**PROBLEM DESCRIPTION**
Show me each line of the listing below where the word "Handles" appears.

:::::

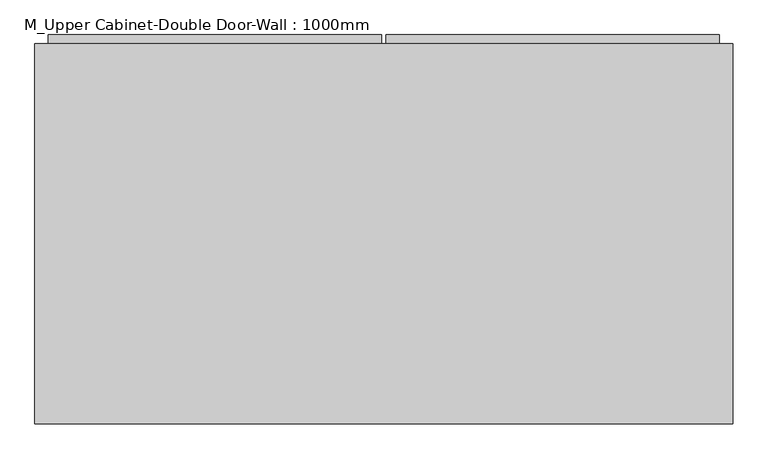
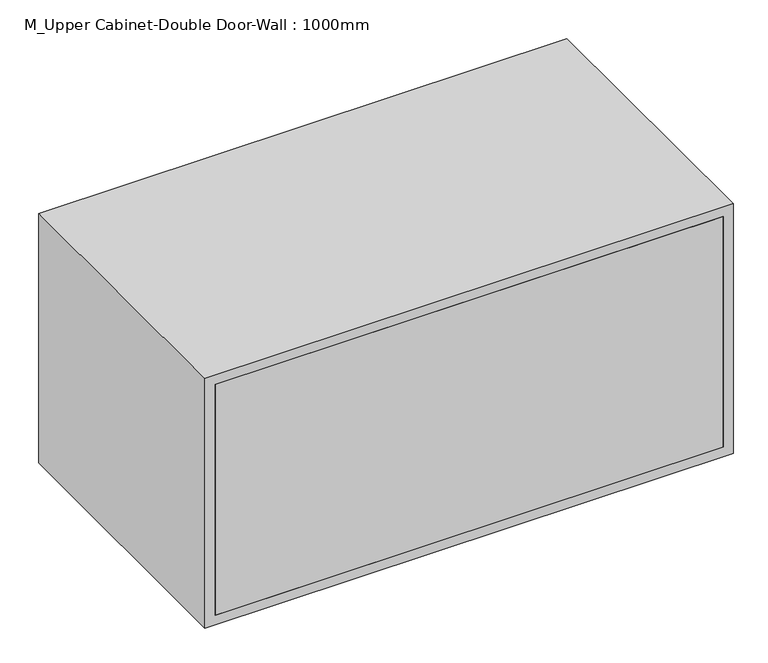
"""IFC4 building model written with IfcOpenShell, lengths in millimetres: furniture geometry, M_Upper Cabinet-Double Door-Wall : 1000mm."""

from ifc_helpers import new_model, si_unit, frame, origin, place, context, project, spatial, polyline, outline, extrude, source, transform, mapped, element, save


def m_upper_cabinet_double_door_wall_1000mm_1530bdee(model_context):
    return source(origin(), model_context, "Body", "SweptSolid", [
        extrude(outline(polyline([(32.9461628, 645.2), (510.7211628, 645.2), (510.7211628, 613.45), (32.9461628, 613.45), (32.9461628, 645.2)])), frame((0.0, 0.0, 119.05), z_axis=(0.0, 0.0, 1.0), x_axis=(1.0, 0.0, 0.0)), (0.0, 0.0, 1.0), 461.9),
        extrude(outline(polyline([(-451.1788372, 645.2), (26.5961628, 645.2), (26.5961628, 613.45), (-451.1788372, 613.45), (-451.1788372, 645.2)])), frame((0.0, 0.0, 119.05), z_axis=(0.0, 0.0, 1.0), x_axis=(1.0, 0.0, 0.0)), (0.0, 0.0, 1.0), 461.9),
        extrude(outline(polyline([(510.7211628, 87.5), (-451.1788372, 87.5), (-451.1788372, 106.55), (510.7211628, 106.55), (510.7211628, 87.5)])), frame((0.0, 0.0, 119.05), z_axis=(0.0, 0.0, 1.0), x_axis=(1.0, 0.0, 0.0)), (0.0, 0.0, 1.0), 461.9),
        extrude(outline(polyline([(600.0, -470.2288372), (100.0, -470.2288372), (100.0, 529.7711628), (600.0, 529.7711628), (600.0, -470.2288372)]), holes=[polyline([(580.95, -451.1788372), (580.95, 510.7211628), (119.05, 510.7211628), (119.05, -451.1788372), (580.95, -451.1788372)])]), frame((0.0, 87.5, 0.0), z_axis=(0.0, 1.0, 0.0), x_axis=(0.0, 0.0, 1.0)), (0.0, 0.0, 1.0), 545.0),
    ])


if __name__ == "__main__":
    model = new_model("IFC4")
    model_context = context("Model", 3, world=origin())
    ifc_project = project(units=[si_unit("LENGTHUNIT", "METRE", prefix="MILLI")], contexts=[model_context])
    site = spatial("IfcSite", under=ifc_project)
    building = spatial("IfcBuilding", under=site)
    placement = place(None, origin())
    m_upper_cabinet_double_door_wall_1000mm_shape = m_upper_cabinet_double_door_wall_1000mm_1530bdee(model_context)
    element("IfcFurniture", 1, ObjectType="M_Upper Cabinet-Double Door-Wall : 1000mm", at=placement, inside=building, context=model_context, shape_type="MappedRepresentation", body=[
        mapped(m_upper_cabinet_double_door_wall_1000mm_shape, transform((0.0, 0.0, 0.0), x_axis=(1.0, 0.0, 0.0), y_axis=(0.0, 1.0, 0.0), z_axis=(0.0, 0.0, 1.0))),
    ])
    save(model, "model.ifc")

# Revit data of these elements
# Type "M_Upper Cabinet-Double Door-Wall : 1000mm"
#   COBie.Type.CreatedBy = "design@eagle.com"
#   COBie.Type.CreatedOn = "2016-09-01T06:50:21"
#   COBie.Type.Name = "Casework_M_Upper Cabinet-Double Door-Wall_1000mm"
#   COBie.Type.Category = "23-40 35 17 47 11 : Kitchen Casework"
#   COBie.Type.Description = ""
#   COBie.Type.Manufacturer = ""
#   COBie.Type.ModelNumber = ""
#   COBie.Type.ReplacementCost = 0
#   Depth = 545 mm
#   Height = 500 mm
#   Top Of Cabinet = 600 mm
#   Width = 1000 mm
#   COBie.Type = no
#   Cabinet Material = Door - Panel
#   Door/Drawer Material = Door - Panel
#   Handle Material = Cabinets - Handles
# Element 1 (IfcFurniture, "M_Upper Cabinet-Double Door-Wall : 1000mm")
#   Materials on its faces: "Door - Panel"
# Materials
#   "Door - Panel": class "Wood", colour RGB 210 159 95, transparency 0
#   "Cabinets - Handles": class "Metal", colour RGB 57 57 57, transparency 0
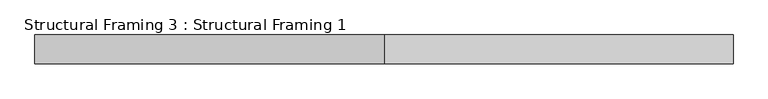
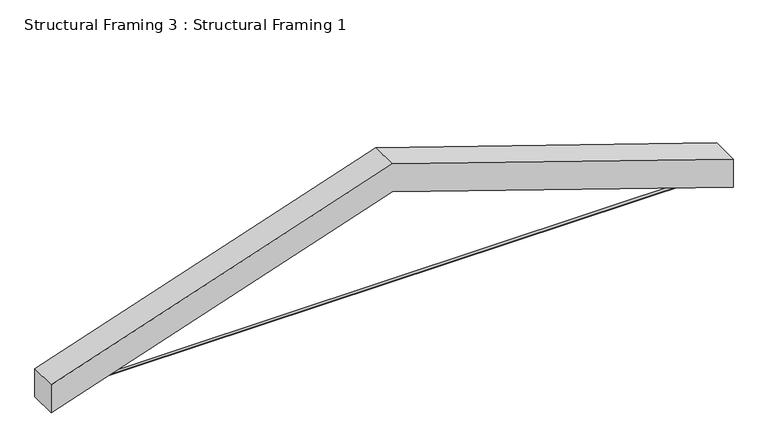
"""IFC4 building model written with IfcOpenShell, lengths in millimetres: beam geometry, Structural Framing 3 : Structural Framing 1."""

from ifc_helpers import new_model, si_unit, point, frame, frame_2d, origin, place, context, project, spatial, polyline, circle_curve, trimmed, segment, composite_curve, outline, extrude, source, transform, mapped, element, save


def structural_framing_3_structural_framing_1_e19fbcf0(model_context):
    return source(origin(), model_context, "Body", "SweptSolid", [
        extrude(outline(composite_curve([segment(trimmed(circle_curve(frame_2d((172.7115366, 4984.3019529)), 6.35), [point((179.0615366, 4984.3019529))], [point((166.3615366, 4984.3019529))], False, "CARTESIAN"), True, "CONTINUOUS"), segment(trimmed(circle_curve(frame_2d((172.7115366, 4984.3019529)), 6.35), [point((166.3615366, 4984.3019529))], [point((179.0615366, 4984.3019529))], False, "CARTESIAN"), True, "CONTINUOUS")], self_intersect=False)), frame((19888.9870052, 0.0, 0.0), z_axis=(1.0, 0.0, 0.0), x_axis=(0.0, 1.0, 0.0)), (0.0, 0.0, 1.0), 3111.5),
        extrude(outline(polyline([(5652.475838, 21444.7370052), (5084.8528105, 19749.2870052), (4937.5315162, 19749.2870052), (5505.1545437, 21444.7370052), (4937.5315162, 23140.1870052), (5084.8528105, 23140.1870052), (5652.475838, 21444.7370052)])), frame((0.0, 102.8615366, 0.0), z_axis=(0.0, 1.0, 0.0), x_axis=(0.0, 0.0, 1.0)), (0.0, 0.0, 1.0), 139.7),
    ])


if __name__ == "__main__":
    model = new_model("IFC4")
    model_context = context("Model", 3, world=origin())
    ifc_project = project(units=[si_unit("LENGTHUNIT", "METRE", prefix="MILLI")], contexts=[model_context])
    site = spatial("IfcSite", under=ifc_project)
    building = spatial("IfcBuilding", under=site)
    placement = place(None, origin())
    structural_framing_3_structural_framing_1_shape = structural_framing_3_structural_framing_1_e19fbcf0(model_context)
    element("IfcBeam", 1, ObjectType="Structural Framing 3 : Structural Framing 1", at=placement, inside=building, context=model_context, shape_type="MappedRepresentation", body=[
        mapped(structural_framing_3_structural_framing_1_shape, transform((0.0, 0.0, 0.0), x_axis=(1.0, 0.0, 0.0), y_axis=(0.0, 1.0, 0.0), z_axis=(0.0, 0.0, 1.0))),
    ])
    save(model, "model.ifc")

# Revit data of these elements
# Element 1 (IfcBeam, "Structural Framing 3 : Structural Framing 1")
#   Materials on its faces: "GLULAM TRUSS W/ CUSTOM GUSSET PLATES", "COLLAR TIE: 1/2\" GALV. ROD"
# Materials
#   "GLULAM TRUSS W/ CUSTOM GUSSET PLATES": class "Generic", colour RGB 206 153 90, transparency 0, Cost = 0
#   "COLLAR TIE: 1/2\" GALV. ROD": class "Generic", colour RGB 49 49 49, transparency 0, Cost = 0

:::::

**WRITTEN REPLY**
#   Handle Material = Cabinets - Handles
#   "Cabinets - Handles": class "Metal", colour RGB 57 57 57, transparency 0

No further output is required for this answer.